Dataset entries
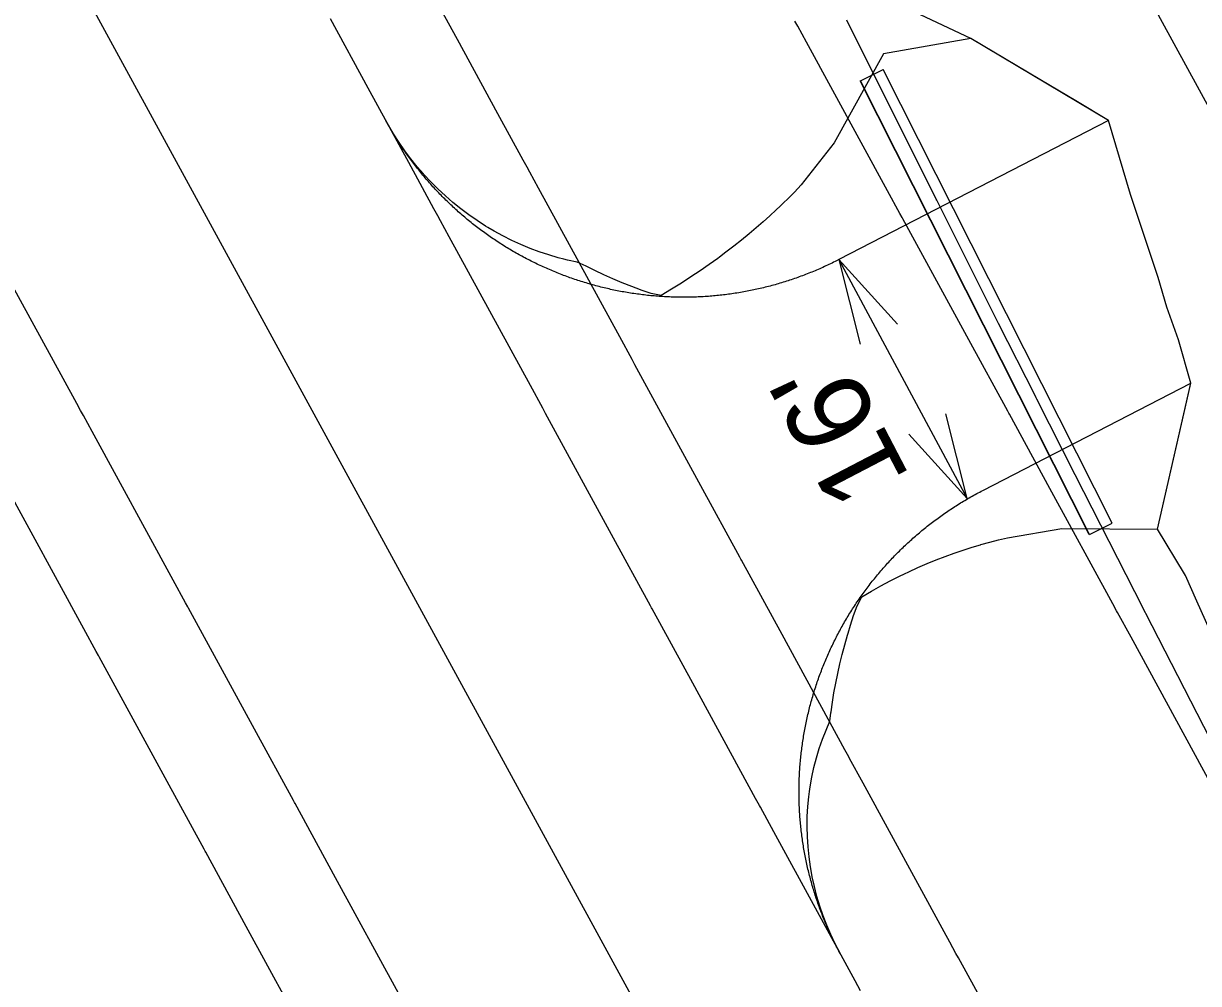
# Model space of a CAD drawing. Extents: x 1627557 to 1636561, y 783843 to 794002.
# Drawn here: x 1628135.3 to 1628204.6, y 784710.3 to 784766.9 of the extents above; entities that cross this region are included whole.
import ezdxf

# ---------------------------------------------------------------- set-up
doc = ezdxf.new("R2010")
doc.units = 0
for name, color, linetype in [('Driveway Dimensions', 7, 'Continuous'), ('R_Clearzone', 7, 'Continuous'), ('R_Ditch', 7, 'Continuous'), ('R_Driveway', 7, 'Continuous'), ('R_Driveway Slope', 7, 'Continuous'), ('R_Horz Alg', 7, 'Continuous'), ('R_Proposed Const Limits', 7, 'Continuous'), ('R_Proposed Road', 7, 'Continuous'), ('R_Proposed Shoulder', 7, 'Continuous'), ('R_ROW', 7, 'Continuous'), ('R_Water', 7, 'Continuous')]:
    doc.layers.add(name, color=color, linetype=linetype)

msp = doc.modelspace()

# ---------------------------------------------------------------- linework, layer by layer
at = {"layer": 'Driveway Dimensions'}
for p, q in [((1628183.406, 784752.994), (1628190.971, 784738.895)), ((1628183.406, 784752.994), (1628186.871, 784749.178)), ((1628183.406, 784752.994), (1628184.669, 784747.999)), ((1628190.971, 784738.895), (1628189.716, 784743.882)), ((1628190.971, 784738.895), (1628187.523, 784742.691))]:
    msp.add_line(p, q, dxfattribs=at)
at = {"layer": 'R_Clearzone'}
msp.add_lwpolyline([(1628205.428, 784721.925), (1628200.641, 784730.705), (1628199.843, 784732.168), (1628199.791, 784732.263), (1628199.565, 784732.678), (1628195.854, 784739.485), (1628193.465, 784743.866), (1628193.425, 784743.939), (1628193.37, 784744.04), (1628191.067, 784748.264), (1628187.175, 784755.402), (1628187.139, 784755.469), (1628187.007, 784755.711), (1628186.28, 784757.044), (1628181.492, 784765.824), (1628180.98, 784766.764), (1628180.812, 784767.072)], dxfattribs=at)
at = {"layer": 'R_Ditch'}
msp.add_lwpolyline([(1628206.447, 784722.481), (1628201.885, 784731.384), (1628201.128, 784732.868), (1628201.078, 784732.965), (1628200.863, 784733.386), (1628197.347, 784740.299), (1628195.09, 784744.752), (1628195.052, 784744.826), (1628195, 784744.929), (1628192.83, 784749.226), (1628189.175, 784756.493), (1628189.141, 784756.56), (1628189.017, 784756.807), (1628188.336, 784758.166), (1628183.865, 784767.117)], dxfattribs=at)
at = {"layer": 'R_Driveway'}
for points in [[(1628199.318, 784761.199), (1628183.406, 784752.994), (1628183.269, 784752.924), (1628183.18, 784752.879), (1628183.09, 784752.834), (1628183, 784752.79), (1628182.91, 784752.747), (1628182.82, 784752.704), (1628182.73, 784752.661), (1628182.639, 784752.619), (1628182.548, 784752.577), (1628182.457, 784752.536), (1628182.366, 784752.495), (1628182.274, 784752.454), (1628182.183, 784752.414), (1628182.091, 784752.375), (1628181.999, 784752.336), (1628181.906, 784752.297), (1628181.814, 784752.259), (1628181.721, 784752.222), (1628181.628, 784752.184), (1628181.535, 784752.148), (1628181.442, 784752.111), (1628181.349, 784752.076), (1628181.255, 784752.04), (1628181.162, 784752.006), (1628181.068, 784751.971), (1628180.974, 784751.937), (1628180.879, 784751.904), (1628180.785, 784751.871), (1628180.69, 784751.838), (1628180.596, 784751.806), (1628180.501, 784751.775), (1628180.406, 784751.744), (1628180.31, 784751.713), (1628180.215, 784751.683), (1628180.12, 784751.653), (1628180.024, 784751.624), (1628179.928, 784751.596), (1628179.832, 784751.567), (1628179.736, 784751.54), (1628179.64, 784751.512), (1628179.543, 784751.486), (1628179.447, 784751.459), (1628179.35, 784751.434), (1628179.254, 784751.408), (1628179.157, 784751.383), (1628179.06, 784751.359), (1628178.963, 784751.335), (1628178.865, 784751.312), (1628178.768, 784751.289), (1628178.671, 784751.267), (1628178.573, 784751.245), (1628178.475, 784751.223), (1628178.378, 784751.202), (1628178.28, 784751.182), (1628178.182, 784751.162), (1628178.084, 784751.142), (1628177.985, 784751.123), (1628177.887, 784751.105), (1628177.789, 784751.087), (1628177.69, 784751.07), (1628177.592, 784751.053), (1628177.493, 784751.036), (1628177.394, 784751.02), (1628177.296, 784751.004), (1628177.197, 784750.989), (1628177.098, 784750.975), (1628176.999, 784750.961), (1628176.9, 784750.947), (1628176.801, 784750.934), (1628176.701, 784750.922), (1628176.602, 784750.91), (1628176.503, 784750.898), (1628176.403, 784750.887), (1628176.304, 784750.876), (1628176.205, 784750.866), (1628176.105, 784750.857), (1628176.005, 784750.848), (1628175.906, 784750.839), (1628175.806, 784750.831), (1628175.706, 784750.823), (1628175.607, 784750.816), (1628175.507, 784750.81), (1628175.407, 784750.804), (1628175.307, 784750.798), (1628175.207, 784750.793), (1628175.107, 784750.788), (1628175.008, 784750.784), (1628174.908, 784750.781), (1628174.808, 784750.778), (1628174.708, 784750.775), (1628174.608, 784750.773), (1628174.508, 784750.771), (1628174.408, 784750.77), (1628174.308, 784750.77), (1628174.208, 784750.77), (1628174.108, 784750.77), (1628174.008, 784750.771), (1628173.908, 784750.772), (1628173.808, 784750.774), (1628173.708, 784750.777), (1628173.608, 784750.78), (1628173.508, 784750.783), (1628173.408, 784750.787), (1628173.308, 784750.791), (1628173.208, 784750.796), (1628173.108, 784750.802), (1628173.008, 784750.808), (1628172.909, 784750.814), (1628172.809, 784750.821), (1628172.709, 784750.828), (1628172.61, 784750.836), (1628172.51, 784750.845), (1628172.41, 784750.854), (1628172.311, 784750.863), (1628172.211, 784750.873), (1628172.112, 784750.883), (1628172.012, 784750.894), (1628171.913, 784750.905), (1628171.814, 784750.917), (1628171.714, 784750.93), (1628171.615, 784750.943), (1628171.516, 784750.956), (1628171.417, 784750.97), (1628171.318, 784750.984), (1628171.219, 784750.999), (1628171.12, 784751.014), (1628171.022, 784751.03), (1628170.923, 784751.047), (1628170.825, 784751.063), (1628170.726, 784751.081), (1628170.628, 784751.099), (1628170.529, 784751.117), (1628170.431, 784751.136), (1628170.333, 784751.155), (1628170.235, 784751.175), (1628170.137, 784751.195), (1628170.039, 784751.216), (1628169.941, 784751.237), (1628169.844, 784751.259), (1628169.746, 784751.281), (1628169.649, 784751.304), (1628169.552, 784751.327), (1628169.455, 784751.351), (1628169.358, 784751.375), (1628169.261, 784751.399), (1628169.164, 784751.425), (1628169.067, 784751.45), (1628168.971, 784751.476), (1628168.874, 784751.503), (1628168.778, 784751.53), (1628168.682, 784751.557), (1628168.586, 784751.586), (1628168.49, 784751.614), (1628168.394, 784751.643), (1628168.299, 784751.672), (1628168.203, 784751.702), (1628168.108, 784751.733), (1628168.013, 784751.764), (1628167.918, 784751.795), (1628167.823, 784751.827), (1628167.729, 784751.859), (1628167.634, 784751.892), (1628167.54, 784751.925), (1628167.446, 784751.959), (1628167.352, 784751.993), (1628167.258, 784752.028), (1628167.164, 784752.063), (1628167.071, 784752.099), (1628166.978, 784752.135), (1628166.884, 784752.171), (1628166.792, 784752.208), (1628166.699, 784752.246), (1628166.606, 784752.284), (1628166.514, 784752.322), (1628166.422, 784752.361), (1628166.33, 784752.4), (1628166.238, 784752.44), (1628166.147, 784752.48), (1628166.055, 784752.521), (1628165.964, 784752.562), (1628165.873, 784752.604), (1628165.783, 784752.646), (1628165.692, 784752.688), (1628165.602, 784752.731), (1628165.512, 784752.775), (1628165.422, 784752.819), (1628165.332, 784752.863), (1628165.243, 784752.908), (1628165.153, 784752.953), (1628165.065, 784752.999), (1628164.976, 784753.045), (1628164.887, 784753.091), (1628164.799, 784753.138), (1628164.711, 784753.186), (1628164.623, 784753.233), (1628164.536, 784753.282), (1628164.448, 784753.331), (1628164.361, 784753.38), (1628164.274, 784753.429), (1628164.188, 784753.479), (1628164.101, 784753.53), (1628164.015, 784753.581), (1628163.93, 784753.632), (1628163.844, 784753.684), (1628163.759, 784753.736), (1628163.674, 784753.789), (1628163.589, 784753.842), (1628163.504, 784753.895), (1628163.42, 784753.949), (1628163.336, 784754.003), (1628163.253, 784754.058), (1628163.169, 784754.113), (1628163.086, 784754.169), (1628163.003, 784754.225), (1628162.92, 784754.281), (1628162.838, 784754.338), (1628162.756, 784754.395), (1628162.674, 784754.453), (1628162.593, 784754.511), (1628162.512, 784754.569), (1628162.431, 784754.628), (1628162.35, 784754.687), (1628162.27, 784754.747), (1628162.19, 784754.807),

Action item
Among the lines above, repeat exactly those from the line with "# Drawn here: x" to the line with "doc.units = 0", counting both ends.

Reply
# Drawn here: x 1628135.3 to 1628204.6, y 784710.3 to 784766.9 of the extents above; entities that cross this region are included whole.
import ezdxf

# ---------------------------------------------------------------- set-up
doc = ezdxf.new("R2010")
doc.units = 0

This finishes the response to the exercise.